Podell was elected as a Democrat to the 90th United States Congress to fill the vacancy caused by the resignation of Abraham J. Multer. He was re-elected to the 91st, 92nd and 93rd United States Congresses, holding office from February 20, 1968, to January 3, 1975.

==Criminal charges and election loss==
In 1973, Podell was charged with bribery for allegedly accepting money to arrange approval of a route to The Bahamas for a small Florida-based airline. While under indictment, he was defeated in the 1974 Democratic primary by Stephen J. Solarz, who went on to win the general election.

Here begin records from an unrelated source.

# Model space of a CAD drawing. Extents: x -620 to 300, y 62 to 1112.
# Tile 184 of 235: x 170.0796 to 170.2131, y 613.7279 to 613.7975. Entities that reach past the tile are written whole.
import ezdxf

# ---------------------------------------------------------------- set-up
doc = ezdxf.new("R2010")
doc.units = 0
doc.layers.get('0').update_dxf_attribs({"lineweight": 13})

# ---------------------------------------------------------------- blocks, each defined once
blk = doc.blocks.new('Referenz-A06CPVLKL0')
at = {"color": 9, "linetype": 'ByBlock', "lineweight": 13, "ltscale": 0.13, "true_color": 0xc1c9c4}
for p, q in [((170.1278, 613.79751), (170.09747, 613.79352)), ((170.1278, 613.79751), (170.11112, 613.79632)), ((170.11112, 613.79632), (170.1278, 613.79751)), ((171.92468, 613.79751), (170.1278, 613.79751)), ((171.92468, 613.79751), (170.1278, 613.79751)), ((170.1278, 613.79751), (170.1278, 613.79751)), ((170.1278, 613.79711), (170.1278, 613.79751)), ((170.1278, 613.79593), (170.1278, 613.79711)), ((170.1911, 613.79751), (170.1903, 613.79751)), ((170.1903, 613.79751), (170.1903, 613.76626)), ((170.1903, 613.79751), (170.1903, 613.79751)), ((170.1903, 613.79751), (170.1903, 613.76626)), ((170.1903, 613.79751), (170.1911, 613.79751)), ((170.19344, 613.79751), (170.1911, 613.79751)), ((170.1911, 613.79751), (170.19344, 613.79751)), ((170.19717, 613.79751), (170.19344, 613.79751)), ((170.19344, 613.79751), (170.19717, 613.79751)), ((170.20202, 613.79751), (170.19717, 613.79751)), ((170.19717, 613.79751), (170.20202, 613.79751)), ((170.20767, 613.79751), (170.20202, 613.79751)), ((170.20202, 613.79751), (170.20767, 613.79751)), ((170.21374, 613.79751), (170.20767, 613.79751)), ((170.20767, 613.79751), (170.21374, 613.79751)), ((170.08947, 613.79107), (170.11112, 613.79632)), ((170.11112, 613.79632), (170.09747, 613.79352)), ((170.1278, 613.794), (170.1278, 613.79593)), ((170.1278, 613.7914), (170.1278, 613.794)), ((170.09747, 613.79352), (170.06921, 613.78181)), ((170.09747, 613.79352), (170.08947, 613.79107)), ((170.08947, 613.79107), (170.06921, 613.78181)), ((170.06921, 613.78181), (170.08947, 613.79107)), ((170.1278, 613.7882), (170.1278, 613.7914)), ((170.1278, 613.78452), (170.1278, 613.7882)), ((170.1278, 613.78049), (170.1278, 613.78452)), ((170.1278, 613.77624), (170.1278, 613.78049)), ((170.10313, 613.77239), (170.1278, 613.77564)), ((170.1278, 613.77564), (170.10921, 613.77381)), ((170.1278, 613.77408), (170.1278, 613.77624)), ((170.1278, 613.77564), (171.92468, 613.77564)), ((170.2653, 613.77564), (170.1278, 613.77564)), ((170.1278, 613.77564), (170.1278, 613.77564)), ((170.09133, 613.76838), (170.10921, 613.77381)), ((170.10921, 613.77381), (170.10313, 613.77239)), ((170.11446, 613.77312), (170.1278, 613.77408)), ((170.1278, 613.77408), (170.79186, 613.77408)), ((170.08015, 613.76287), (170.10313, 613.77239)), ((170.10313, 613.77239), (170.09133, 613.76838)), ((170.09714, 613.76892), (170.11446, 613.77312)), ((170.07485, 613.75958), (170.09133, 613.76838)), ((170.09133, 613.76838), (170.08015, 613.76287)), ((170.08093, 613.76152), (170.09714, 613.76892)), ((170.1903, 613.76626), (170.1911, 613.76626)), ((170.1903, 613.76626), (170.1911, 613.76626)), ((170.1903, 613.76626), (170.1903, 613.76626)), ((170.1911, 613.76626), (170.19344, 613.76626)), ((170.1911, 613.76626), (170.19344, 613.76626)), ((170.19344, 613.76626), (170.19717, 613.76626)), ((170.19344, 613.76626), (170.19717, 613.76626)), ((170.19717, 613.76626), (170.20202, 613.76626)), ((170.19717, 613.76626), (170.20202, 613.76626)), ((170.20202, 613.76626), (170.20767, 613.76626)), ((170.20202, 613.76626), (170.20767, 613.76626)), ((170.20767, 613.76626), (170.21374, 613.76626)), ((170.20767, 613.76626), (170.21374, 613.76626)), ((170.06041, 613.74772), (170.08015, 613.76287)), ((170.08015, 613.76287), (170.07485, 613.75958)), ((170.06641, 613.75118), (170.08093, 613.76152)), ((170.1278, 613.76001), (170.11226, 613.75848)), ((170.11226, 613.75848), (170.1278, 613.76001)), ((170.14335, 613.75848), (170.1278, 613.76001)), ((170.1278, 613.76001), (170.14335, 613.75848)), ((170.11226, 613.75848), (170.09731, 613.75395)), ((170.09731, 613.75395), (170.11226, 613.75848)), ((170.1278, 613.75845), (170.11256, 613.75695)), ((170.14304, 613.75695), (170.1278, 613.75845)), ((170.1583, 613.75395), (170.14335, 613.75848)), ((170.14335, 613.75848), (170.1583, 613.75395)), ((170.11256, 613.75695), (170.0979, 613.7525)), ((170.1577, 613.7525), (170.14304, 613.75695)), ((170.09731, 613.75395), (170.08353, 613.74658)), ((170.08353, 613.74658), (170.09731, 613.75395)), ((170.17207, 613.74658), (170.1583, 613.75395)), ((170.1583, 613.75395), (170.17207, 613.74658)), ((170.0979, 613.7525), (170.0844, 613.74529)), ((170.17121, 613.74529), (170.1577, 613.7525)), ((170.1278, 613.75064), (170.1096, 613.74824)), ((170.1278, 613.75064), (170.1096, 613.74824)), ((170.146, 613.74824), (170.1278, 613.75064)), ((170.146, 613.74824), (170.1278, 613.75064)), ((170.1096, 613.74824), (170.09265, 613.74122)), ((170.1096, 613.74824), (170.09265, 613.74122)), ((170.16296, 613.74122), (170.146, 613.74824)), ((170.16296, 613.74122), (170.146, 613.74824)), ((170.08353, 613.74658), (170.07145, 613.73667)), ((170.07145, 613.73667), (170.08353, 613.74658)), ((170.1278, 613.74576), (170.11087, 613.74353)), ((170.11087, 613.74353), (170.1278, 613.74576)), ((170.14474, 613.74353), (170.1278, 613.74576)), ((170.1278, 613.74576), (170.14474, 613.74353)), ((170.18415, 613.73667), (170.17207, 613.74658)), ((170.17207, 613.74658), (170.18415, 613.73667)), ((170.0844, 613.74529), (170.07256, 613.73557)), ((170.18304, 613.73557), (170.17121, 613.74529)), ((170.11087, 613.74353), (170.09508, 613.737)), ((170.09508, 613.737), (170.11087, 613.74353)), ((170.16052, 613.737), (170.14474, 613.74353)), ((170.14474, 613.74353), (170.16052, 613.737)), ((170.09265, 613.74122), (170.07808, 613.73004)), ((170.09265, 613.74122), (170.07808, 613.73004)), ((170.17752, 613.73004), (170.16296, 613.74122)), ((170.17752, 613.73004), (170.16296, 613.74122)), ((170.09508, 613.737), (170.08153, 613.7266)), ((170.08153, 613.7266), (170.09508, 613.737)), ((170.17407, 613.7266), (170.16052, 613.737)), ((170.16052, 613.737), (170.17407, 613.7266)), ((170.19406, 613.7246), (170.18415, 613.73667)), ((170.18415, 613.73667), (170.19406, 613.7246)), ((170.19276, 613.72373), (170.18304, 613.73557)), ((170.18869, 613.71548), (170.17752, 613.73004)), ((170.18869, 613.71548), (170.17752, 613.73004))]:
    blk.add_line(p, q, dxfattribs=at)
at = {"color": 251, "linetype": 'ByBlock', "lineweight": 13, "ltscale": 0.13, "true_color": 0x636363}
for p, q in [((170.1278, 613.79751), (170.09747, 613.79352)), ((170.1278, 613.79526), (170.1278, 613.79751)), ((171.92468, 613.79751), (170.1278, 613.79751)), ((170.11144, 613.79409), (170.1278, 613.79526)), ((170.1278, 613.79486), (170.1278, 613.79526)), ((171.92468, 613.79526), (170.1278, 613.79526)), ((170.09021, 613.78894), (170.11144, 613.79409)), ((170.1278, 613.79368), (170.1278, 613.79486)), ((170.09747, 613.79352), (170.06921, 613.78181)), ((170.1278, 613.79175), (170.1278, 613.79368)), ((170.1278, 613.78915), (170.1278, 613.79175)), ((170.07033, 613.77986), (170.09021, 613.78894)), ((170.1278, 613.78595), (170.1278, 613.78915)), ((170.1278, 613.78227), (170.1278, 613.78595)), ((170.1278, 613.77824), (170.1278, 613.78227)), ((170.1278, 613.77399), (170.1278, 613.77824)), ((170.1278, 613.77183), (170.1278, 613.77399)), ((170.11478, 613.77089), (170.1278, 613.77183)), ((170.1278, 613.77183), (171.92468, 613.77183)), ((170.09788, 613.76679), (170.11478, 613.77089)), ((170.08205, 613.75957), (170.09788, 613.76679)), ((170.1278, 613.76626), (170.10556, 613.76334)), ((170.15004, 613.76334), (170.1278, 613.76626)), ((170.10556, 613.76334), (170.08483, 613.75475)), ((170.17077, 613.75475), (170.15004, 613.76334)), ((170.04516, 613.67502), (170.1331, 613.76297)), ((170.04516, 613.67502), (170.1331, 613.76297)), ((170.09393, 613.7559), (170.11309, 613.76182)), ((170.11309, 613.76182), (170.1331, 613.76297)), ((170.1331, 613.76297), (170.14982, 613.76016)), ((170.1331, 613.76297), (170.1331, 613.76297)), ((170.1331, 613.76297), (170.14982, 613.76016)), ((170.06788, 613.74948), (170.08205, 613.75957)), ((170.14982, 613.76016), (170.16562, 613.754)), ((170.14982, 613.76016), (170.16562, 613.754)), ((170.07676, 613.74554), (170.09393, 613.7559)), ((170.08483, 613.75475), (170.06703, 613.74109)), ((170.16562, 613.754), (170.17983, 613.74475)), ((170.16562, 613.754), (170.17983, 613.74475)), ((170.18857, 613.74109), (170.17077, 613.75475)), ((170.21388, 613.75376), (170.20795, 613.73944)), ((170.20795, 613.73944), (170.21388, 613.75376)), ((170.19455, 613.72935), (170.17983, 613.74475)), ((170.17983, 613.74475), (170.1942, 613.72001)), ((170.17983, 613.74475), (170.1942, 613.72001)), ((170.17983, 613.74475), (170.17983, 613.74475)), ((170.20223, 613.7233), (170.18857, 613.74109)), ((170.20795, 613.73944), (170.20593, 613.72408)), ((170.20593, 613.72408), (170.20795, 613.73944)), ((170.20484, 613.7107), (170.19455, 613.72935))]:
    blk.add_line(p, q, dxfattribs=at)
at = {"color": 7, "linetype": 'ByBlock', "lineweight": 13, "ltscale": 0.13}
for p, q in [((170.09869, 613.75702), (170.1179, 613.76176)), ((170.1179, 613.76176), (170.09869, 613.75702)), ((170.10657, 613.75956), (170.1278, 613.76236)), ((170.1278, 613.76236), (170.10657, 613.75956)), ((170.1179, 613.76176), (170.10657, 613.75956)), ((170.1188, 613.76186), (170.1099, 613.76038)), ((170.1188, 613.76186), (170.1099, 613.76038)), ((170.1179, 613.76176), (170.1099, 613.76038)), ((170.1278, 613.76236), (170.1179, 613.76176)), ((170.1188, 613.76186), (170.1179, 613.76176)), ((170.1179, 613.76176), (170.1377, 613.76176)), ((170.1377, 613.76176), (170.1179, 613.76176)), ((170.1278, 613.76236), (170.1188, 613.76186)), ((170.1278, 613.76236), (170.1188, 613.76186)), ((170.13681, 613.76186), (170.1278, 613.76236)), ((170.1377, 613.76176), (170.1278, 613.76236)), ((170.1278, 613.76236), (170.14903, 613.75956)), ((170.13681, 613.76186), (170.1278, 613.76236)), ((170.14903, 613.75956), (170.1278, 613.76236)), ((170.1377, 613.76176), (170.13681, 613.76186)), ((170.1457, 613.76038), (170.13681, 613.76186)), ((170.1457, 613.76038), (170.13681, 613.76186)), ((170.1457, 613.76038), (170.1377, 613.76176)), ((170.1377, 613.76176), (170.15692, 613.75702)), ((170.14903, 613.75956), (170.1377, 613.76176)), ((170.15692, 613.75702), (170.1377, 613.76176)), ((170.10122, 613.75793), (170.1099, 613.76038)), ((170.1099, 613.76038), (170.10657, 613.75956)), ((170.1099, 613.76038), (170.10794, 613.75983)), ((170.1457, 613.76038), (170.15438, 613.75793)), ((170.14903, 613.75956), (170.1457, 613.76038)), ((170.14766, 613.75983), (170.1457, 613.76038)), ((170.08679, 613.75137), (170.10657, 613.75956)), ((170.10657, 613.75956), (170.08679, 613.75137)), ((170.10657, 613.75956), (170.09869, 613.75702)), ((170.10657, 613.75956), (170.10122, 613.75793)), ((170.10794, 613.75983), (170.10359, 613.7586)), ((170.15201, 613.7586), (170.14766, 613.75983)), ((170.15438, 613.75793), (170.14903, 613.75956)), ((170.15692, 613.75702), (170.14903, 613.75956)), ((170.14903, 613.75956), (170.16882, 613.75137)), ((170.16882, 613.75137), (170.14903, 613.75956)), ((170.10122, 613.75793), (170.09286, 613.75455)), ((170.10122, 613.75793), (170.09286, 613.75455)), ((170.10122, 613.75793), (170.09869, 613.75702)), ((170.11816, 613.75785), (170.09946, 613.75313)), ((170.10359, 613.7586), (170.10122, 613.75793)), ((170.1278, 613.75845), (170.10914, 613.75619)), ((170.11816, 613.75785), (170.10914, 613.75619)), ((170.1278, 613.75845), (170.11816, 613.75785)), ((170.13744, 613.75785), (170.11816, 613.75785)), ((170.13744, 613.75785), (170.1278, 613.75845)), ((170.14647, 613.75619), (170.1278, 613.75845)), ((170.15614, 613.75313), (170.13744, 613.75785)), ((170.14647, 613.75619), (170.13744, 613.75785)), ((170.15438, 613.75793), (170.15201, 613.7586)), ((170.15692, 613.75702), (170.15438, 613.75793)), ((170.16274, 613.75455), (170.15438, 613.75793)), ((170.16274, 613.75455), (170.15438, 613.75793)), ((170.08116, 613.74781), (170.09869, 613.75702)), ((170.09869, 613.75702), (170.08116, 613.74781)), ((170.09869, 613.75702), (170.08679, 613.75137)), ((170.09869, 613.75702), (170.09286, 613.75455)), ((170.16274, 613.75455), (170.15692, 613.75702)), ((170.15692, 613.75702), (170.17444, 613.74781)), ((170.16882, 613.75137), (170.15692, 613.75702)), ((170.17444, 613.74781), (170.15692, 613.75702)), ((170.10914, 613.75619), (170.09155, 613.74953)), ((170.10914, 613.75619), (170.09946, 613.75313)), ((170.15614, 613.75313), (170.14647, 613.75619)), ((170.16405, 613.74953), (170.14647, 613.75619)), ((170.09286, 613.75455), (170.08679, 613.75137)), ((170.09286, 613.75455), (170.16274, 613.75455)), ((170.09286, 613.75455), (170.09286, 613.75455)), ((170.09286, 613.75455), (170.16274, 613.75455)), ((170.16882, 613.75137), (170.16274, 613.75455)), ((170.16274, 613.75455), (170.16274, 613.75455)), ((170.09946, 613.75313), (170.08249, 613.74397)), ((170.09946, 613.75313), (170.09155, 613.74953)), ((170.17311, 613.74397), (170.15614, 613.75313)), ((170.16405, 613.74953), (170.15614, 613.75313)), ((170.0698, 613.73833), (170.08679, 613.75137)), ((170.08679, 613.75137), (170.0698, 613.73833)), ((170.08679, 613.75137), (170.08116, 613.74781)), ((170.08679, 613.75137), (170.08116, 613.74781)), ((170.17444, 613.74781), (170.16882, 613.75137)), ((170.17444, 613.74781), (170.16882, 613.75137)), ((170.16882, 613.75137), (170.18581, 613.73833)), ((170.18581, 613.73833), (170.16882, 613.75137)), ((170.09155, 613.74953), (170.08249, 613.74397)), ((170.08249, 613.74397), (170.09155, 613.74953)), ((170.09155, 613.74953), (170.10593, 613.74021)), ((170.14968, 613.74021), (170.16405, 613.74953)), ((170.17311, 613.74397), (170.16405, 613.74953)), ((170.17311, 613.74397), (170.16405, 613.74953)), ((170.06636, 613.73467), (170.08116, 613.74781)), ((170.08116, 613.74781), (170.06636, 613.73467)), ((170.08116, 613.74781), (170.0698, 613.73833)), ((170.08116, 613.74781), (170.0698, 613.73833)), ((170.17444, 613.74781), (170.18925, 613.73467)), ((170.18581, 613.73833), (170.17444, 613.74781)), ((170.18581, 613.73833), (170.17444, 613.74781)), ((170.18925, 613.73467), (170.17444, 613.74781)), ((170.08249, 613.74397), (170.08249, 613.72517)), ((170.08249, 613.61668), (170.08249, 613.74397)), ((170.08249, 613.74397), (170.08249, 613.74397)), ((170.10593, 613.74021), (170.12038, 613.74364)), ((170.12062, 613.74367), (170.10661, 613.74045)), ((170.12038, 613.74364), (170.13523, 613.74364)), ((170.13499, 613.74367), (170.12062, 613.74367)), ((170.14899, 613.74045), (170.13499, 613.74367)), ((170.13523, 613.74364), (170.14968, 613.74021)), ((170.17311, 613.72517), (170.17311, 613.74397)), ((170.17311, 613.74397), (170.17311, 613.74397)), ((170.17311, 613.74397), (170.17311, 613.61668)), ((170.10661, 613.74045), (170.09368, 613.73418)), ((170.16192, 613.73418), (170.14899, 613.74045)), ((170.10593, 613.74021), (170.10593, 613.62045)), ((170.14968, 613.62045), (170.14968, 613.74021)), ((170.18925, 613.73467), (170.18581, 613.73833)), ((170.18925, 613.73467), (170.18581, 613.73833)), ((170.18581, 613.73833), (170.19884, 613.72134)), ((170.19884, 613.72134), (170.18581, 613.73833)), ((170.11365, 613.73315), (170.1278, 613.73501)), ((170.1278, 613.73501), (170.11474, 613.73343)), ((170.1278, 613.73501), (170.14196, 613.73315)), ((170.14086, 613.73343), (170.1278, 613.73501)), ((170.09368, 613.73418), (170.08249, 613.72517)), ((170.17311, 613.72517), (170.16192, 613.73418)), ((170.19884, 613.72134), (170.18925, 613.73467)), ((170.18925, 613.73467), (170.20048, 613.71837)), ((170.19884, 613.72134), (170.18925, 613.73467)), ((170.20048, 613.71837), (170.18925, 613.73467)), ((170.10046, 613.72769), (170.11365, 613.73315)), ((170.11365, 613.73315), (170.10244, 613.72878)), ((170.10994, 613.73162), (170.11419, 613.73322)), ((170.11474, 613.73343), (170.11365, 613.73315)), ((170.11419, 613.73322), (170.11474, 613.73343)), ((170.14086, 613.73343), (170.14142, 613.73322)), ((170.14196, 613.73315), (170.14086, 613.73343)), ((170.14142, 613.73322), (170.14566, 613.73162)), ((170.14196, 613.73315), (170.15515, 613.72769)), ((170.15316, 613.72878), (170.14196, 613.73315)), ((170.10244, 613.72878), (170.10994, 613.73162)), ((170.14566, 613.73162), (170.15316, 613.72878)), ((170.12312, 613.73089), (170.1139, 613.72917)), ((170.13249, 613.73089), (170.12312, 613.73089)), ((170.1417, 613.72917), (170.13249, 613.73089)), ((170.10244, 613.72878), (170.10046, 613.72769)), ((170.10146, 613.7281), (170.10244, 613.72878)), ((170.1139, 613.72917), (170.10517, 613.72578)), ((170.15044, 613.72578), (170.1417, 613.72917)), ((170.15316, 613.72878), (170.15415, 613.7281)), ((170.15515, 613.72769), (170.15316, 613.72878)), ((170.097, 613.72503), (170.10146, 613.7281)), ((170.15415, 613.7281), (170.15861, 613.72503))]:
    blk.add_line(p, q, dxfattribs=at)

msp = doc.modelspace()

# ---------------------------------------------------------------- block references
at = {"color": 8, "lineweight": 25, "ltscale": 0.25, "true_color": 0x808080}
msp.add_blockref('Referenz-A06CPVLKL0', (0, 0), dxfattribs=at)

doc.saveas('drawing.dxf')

Podell's case was one of the first that brought public attention to Rudolph Giuliani, then a prosecutor in the office of the United States Attorney for the Southern District of New York. Podell's trial took a dramatic turn when Giuliani aggressively cross-examined him, causing him to lose his composure and ask for a recess, after which he agreed to plead guilty to reduced charges of conspiracy and conflict of interest. Podell and co-defendant Martin Miller later attempted to withdraw their guilty pleas, but their motion was denied; Podell was sentenced to a $5,000 fine and 24 weeks in prison, of which he served 18. Podell and Miller unsuccessfully appealed their convictions.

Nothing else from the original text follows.